PhD in Applied Mathematics - Mathematical Medicine and Biology in Waterloo Canada | University of Waterloo

The interplay between Mathematics and the Sciences has profoundly influenced modern society through centuries of reciprocal inspiration. Within this framework, the Department of Applied Mathematics provides graduate students with specialized study options in Control Theory and Dynamical Systems, Fluid Mechanics, Mathematical Medicine and Biology, Mathematical Physics, and Scientific Computation. Student research initiatives employ advanced mathematical theories across diverse scientific disciplines, spanning from fundamental research to practical applications. Examples include optimizing cancer treatments, manipulating shape memory alloys, processing fractal images, advancing quantum computing, and investigating climate patterns, cosmic inflation, and nanoscale technologies. As part of the University of Waterloo's Faculty of Mathematics - ranked 20th globally in the 2015 QS University Rankings for mathematics - our department maintains strong collaborations with the Faculties of Science and Engineering, along with numerous research centers such as the Institute for Quantum Computing and the Waterloo Institute for Nanotechnology. We provide both Master's and PhD degree paths. The thesis-oriented Master of Mathematics (MMath) typically requires two years, with graduates either continuing to doctoral studies or securing positions in industry and government sectors. Our four-year PhD program primarily prepares students for academic research careers, though some graduates enter industrial, governmental, or commercial R&D roles.

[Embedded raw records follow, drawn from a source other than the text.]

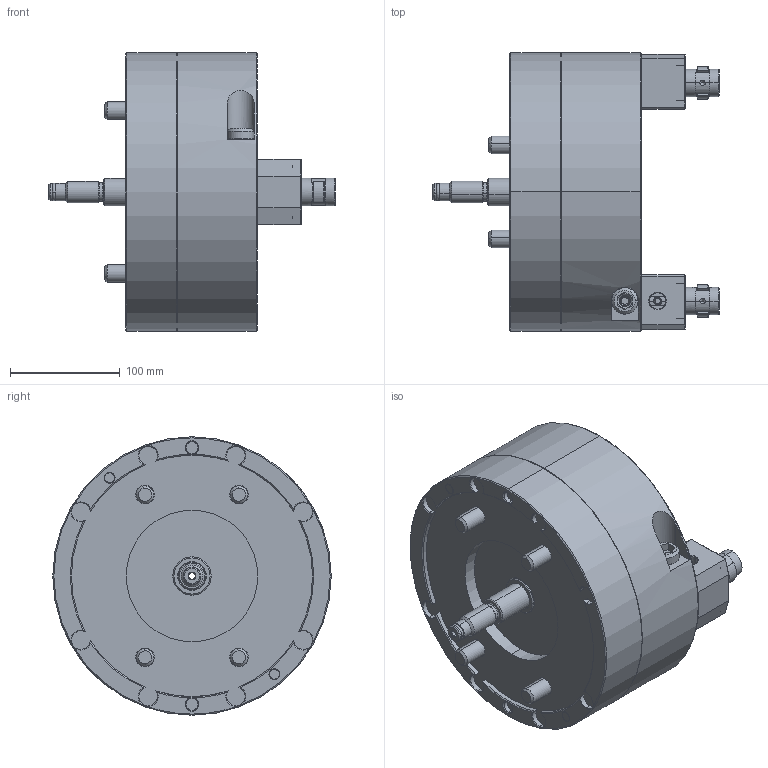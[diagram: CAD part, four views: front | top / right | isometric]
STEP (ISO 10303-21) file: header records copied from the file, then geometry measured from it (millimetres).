
FILE_DESCRIPTION (( 'STEP AP214' ), '1' );
FILE_NAME ('GFT10_OC.STEP', '2019-12-03T00:22:48', ( '' ), ( '' ), 'SwSTEP 2.0', 'SolidWorks 2017', '' );
FILE_SCHEMA (( 'AUTOMOTIVE_DESIGN' ));
Length unit declared in the file: millimetre
Products named in the file (2): 結合1; GFT10_OC
Assembly tree (1 placements, depth 2):
  GFT10_OC
    結合1
Bounding box: 261 x 254 x 254 mm (x, y, z)
Volume: 5920918.4 mm3; surface area: 307485.4 mm2
Topology: 3 solids, 19 shells, 1398 faces, 3378 edges, 2074 vertices
Faces by surface type: plane 586, cone 352, cylinder 304, torus 88, bspline 68
Entity records: 44898 total; most frequent: CARTESIAN_POINT 12836, ORIENTED_EDGE 6668, DIRECTION 6608, EDGE_CURVE 3334, AXIS2_PLACEMENT_3D 2510, VERTEX_POINT 2074, VECTOR 1588, LINE 1588
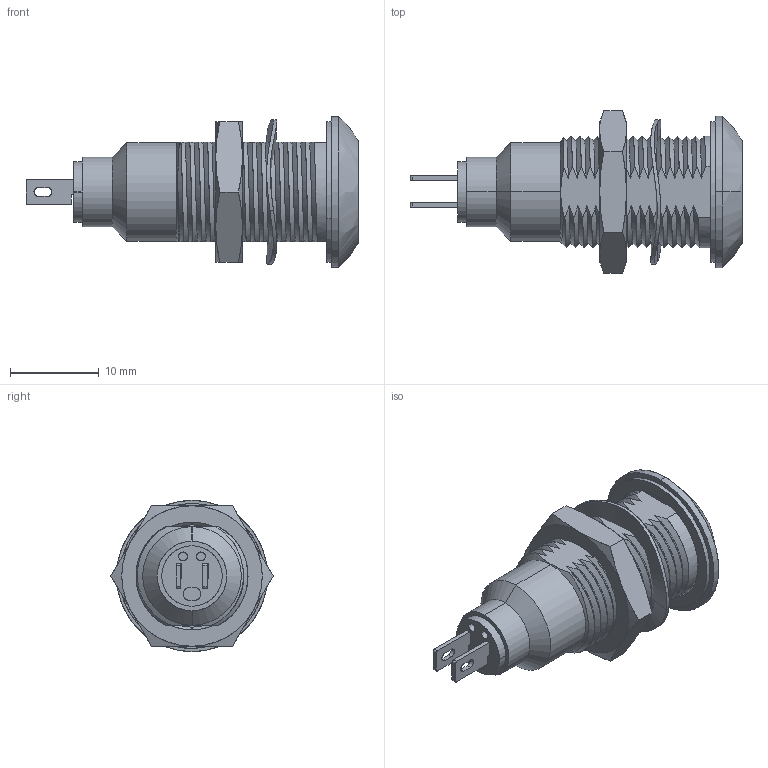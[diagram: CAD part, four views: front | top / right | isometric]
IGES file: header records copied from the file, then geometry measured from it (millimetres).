
Start section: SolidWorks IGES file using analytic representation for surfaces
Global section: file name: G:\Marl\DESIGN\Paul Robson\STEP-IGES FILES\699 Series\699 Series  Below 50V.IGS; native system: SolidWorks 2016; preprocessor: SolidWorks 2016; author: Paulr; date: 160804.161638; units: millimetre
Bounding box: 37.35 x 18.24 x 17 mm (x, y, z)
Surface area: 3910.1 mm2 (no closed solid volume)
Topology: 0 solids, 0 shells, 464 faces, 5421 edges, 5415 vertices
Faces by surface type: bspline 311, revolution 153
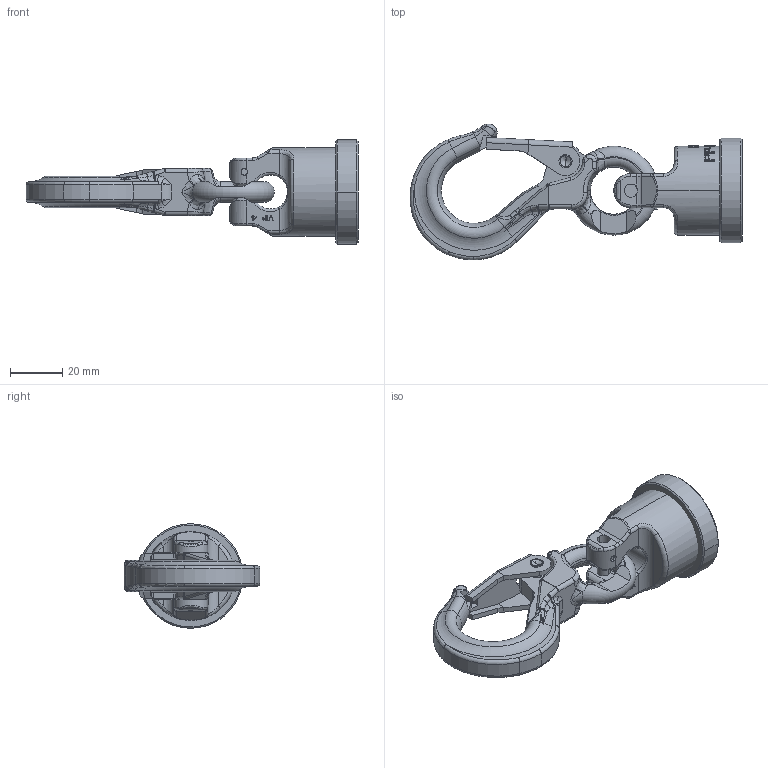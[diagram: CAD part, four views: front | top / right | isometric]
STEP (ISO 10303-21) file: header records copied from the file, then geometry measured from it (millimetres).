
FILE_DESCRIPTION((''),'2;1');
FILE_NAME('001-M31453-P-40_ASM','2018-04-27T',('Anja.Joas'),(''),'PRO/ENGINEER BY PARAMETRIC TECHNOLOGY CORPORATION, 2011490','PRO/ENGINEER BY PARAMETRIC TECHNOLOGY CORPORATION, 2011490','');
FILE_SCHEMA(('CONFIG_CONTROL_DESIGN'));
Length unit declared in the file: millimetre
Products named in the file (6): 001-M31453-P-20; 001-M31453-P-50; 001-M31569-P-1; 001-M31567-P-1; 001-M31569-P-1_ASM; 001-M31453-P-40_ASM
Assembly tree (5 placements, depth 3):
  001-M31453-P-40_ASM
    001-M31453-P-20
    001-M31453-P-50
    001-M31569-P-1_ASM
      001-M31569-P-1
      001-M31567-P-1
Bounding box: 126.99 x 51.99 x 40 mm (x, y, z)
Volume: 55216.3 mm3; surface area: 19019.5 mm2
Topology: 4 solids, 4 shells, 789 faces, 2062 edges, 1301 vertices
Faces by surface type: plane 455, cylinder 135, bspline 129, torus 50, cone 14, sphere 6
Entity records: 29383 total; most frequent: CARTESIAN_POINT 11469, ORIENTED_EDGE 4116, DIRECTION 3164, EDGE_CURVE 2058, VERTEX_POINT 1301, AXIS2_PLACEMENT_3D 1167, VECTOR 830, LINE 830

Mathematical applications in medicine represent a dynamic frontier in Applied Mathematics research. Our department contributes significantly to this field by developing mathematical models of disease mechanisms that account for complex biological system interactions. This work serves dual purposes: enhancing comprehension of disease origins and progression, while simultaneously evaluating treatment approaches to determine optimal therapeutic strategies for specific cases.